El silencio que siguió fue sepulcral. Todos los cazadores del campamento me miraron. Podía ver el miedo en sus rostros, pero también la esperanza que habían depositado en mí durante estos dieciocho meses. Mi hermano estaba siendo torturado o asesinado en ese mismo instante, pero detrás de mí, Mary y trescientas familias dependían de mis órdenes.
—¡Escuchadme! —mi voz resonó con una autoridad divina, amplificada por la magia—. ¡No hay tiempo para lamentaciones! ¡Evacuad el campamento! Llevad solo lo esencial. Mary, ve con los ancianos por el túnel norte hacia las Montañas de los Susurros.
—¿Y tú? —preguntó Mary, con sus ojos pequeños llenos de lágrimas, sujetando mi mano con fuerza.
—Yo voy a daros el tiempo que Andrew nos dio a nosotros —le dije, dándole un beso en la frente. Sentí mi propio calor reconfortándola—. No dejaré que el sol se apague hoy. ¡Idos, ahora!

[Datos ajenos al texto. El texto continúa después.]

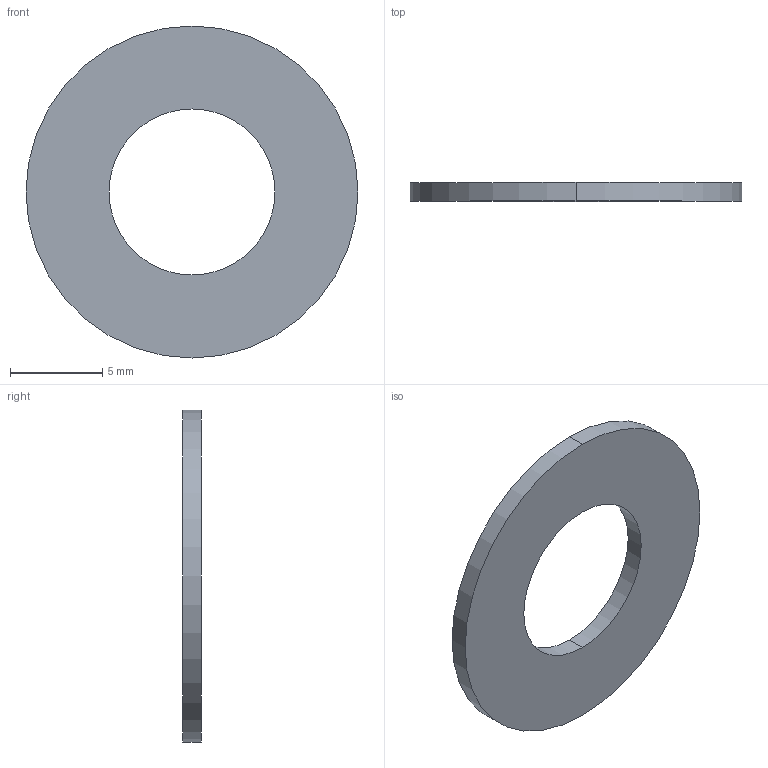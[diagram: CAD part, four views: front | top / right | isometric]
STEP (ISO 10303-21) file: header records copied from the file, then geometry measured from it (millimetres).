
FILE_DESCRIPTION(/* description */ ('STEP AP242 Edition 2','CAx-IF Rec.Pracs.---Representation and Presentation of Product Manufacturing Information (PMI)---4.0---2014-10-13','CAx-IF Rec.Pracs.---3D Tessellated Geometry---0.4---2014-09-14','2;1','CAx-IF Rec.Pracs.---User Defined Attributes---1.5---2016-08-15'),/* implementation_level */ '2;1');
FILE_NAME(/* name */ 'Assembly 1 - Part 3 (6)',/* time_stamp */ '2026-10-08T06:00:15Z',/* author */ (''),/* organization */ (''),/* preprocessor_version */ 'ST-DEVELOPER v20',/* originating_system */ 'ONSHAPE BY PTC INC, 1.221',/* authorisation */ ' ');
FILE_SCHEMA (('AP242_MANAGED_MODEL_BASED_3D_ENGINEERING_MIM_LF { 1 0 10303 442 3 1 4 }'));
Length unit declared in the file: metre
Products named in the file (1): Part 3
Bounding box: 18 x 1 x 18 mm (x, y, z)
Volume: 190.9 mm3; surface area: 466.5 mm2
Topology: 1 solids, 1 shells, 6 faces, 12 edges, 8 vertices
Faces by surface type: bspline 6
Entity records: 194 total; most frequent: CARTESIAN_POINT 65, ORIENTED_EDGE 24, DIRECTION 18, EDGE_CURVE 12, AXIS2_PLACEMENT_3D 9, VERTEX_POINT 8, CIRCLE 8, EDGE_LOOP 8
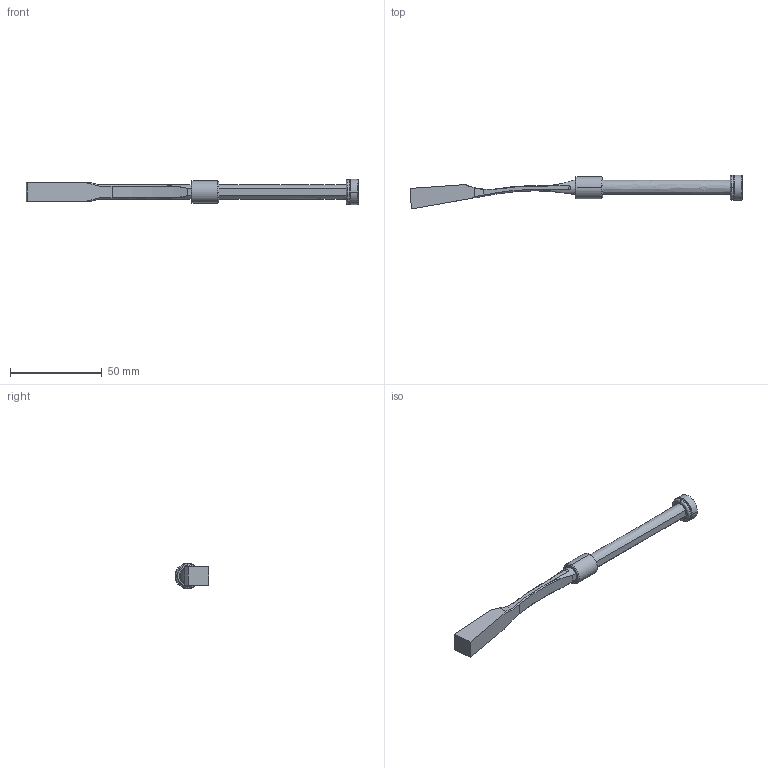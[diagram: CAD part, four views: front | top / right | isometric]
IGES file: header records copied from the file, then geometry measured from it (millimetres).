
Start section: START RECORD GO HERE.
Global section: file name: pw081030_ejection.igs; native system: DASSAULT SYSTEMES CATIA V5 R20 - www.3ds.com; preprocessor: CATIA Version 5 Release 20 ; author: Utente; organization: NB04-ASUS; date: 20201108.135347; units: millimetre
Bounding box: 180.5 x 18.47 x 13.8 mm (x, y, z)
Surface area: 7584.3 mm2 (no closed solid volume)
Topology: 0 solids, 0 shells, 109 faces, 486 edges, 482 vertices
Faces by surface type: revolution 70, plane 37, bspline 2
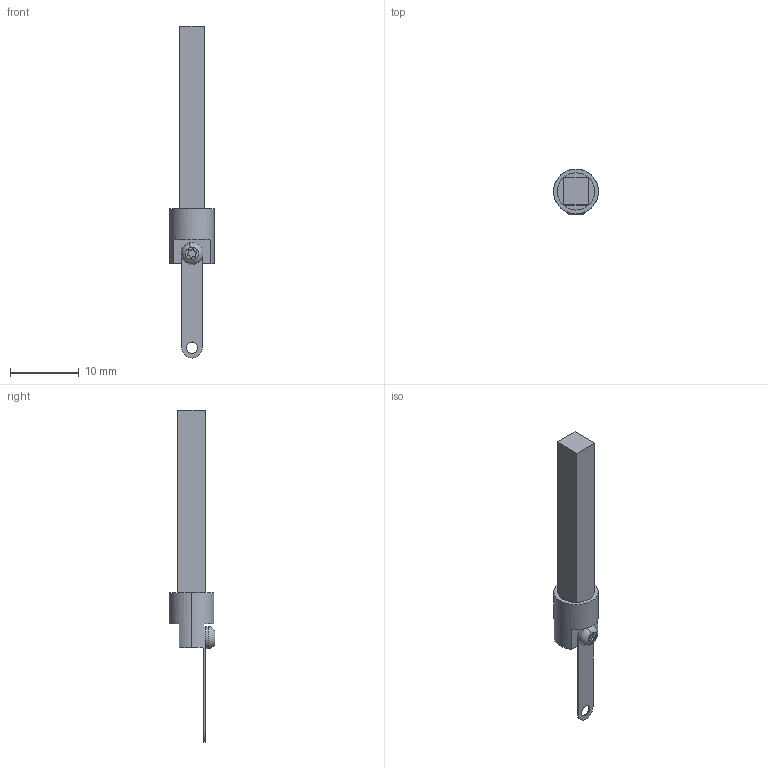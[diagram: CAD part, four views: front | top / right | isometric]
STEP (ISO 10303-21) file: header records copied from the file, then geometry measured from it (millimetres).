
FILE_DESCRIPTION (( 'STEP AP214' ), '1' );
FILE_NAME ('LL06_DriveRod_030M1-PiezoMotor.STEP', '2017-03-14T07:09:33', ( '' ), ( '' ), 'SwSTEP 2.0', 'SolidWorks 2016', '' );
FILE_SCHEMA (( 'AUTOMOTIVE_DESIGN' ));
Length unit declared in the file: millimetre
Products named in the file (1): LL06_DriveRod_030M1-PiezoMotor
Bounding box: 6.5 x 6.65 x 48.15 mm (x, y, z)
Volume: 593.4 mm3; surface area: 922.1 mm2
Topology: 4 solids, 4 shells, 62 faces, 145 edges, 93 vertices
Faces by surface type: cylinder 31, plane 21, cone 8, torus 2
Entity records: 1884 total; most frequent: DIRECTION 347, CARTESIAN_POINT 299, ORIENTED_EDGE 286, EDGE_CURVE 143, AXIS2_PLACEMENT_3D 141, VERTEX_POINT 93, CIRCLE 78, EDGE_LOOP 72
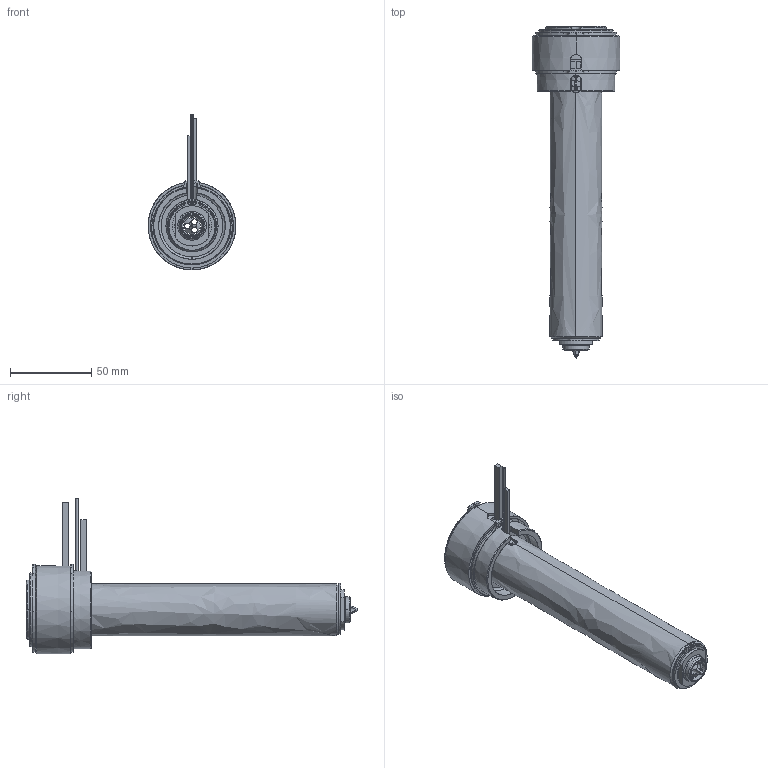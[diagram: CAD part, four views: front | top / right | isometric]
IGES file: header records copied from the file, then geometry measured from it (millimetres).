
Start section: SolidWorks IGES file using analytic representation for surfaces
Global section: file name: C:\Documents and Settings\ws-20\Desktop\TEM\UGEP5504-M-A-0 [Øf-1.18 ØC-12].IGS; native system: SolidWorks 2012; preprocessor: SolidWorks 2012; author: ws-20; date: 120427.080325; units: millimetre
Bounding box: 54 x 204.05 x 95.62 mm (x, y, z)
Surface area: 82923.2 mm2 (no closed solid volume)
Topology: 0 solids, 0 shells, 181 faces, 3607 edges, 3607 vertices
Faces by surface type: revolution 116, bspline 65

El campamento se convirtió en un torbellino de actividad. Mientras los suministros eran cargados y los niños puestos a salvo, yo me dirigí a la entrada del valle, el único acceso por el que el ejército de Silas podía entrar.
Me quedé allí sola, de pie sobre una formación rocosa que dominaba el sendero. Empecé a trazar runas de fuego en el suelo con la punta de mi espada. Cada trazo vibraba con una intensidad que hacía que el aire temblara. Sabía que Silas no vendría solo; traería a sus "Segadores", vampiros que no habían visto la luz en siglos.
A lo lejos, el horizonte empezó a oscurecerse, pero no era por las nubes. Era una marea de armaduras negras y capas que ondeaban como alas de murciélago. El estruendo de miles de pies marchando al unísono hacía vibrar la tierra bajo mis botas.
—Por Andrew —susurré, cerrando los ojos y dejando que la luz de Solaris inundara cada célula de mi cuerpo.
Cuando abrí los ojos, mi piel ya no era blanca; emitía un fulgor dorado tan potente que la nieve a diez metros a mi redonda se evaporó instantáneamente, creando una cortina de vapor blanco.
A lo lejos, al frente del ejército, pude ver la figura de Silas montado en un corcel negro como la noche. Levantó su mano, ordenando el alto. Él esperaba encontrar un campamento huyendo en pánico, pero en su lugar, encontró a una sola mujer que brillaba como un pequeño sol, bloqueando el camino.
—¡Aethelgard! —rugió Silas, su voz amplificada por la magia oscura—. ¡Entrega tu sangre y perdonaré a los que huyen por el bosque!
—¡Ven a buscarla, Silas! —le devolví el grito, y al extender mis brazos, dos alas de fuego puro se desplegaron a mi espalda—. ¡Pero te advierto que mi sangre quema más que el infierno que te espera!
La batalla por la supervivencia de los cazadores estaba a punto de comenzar, y yo era la única muralla entre la luz y la extinción.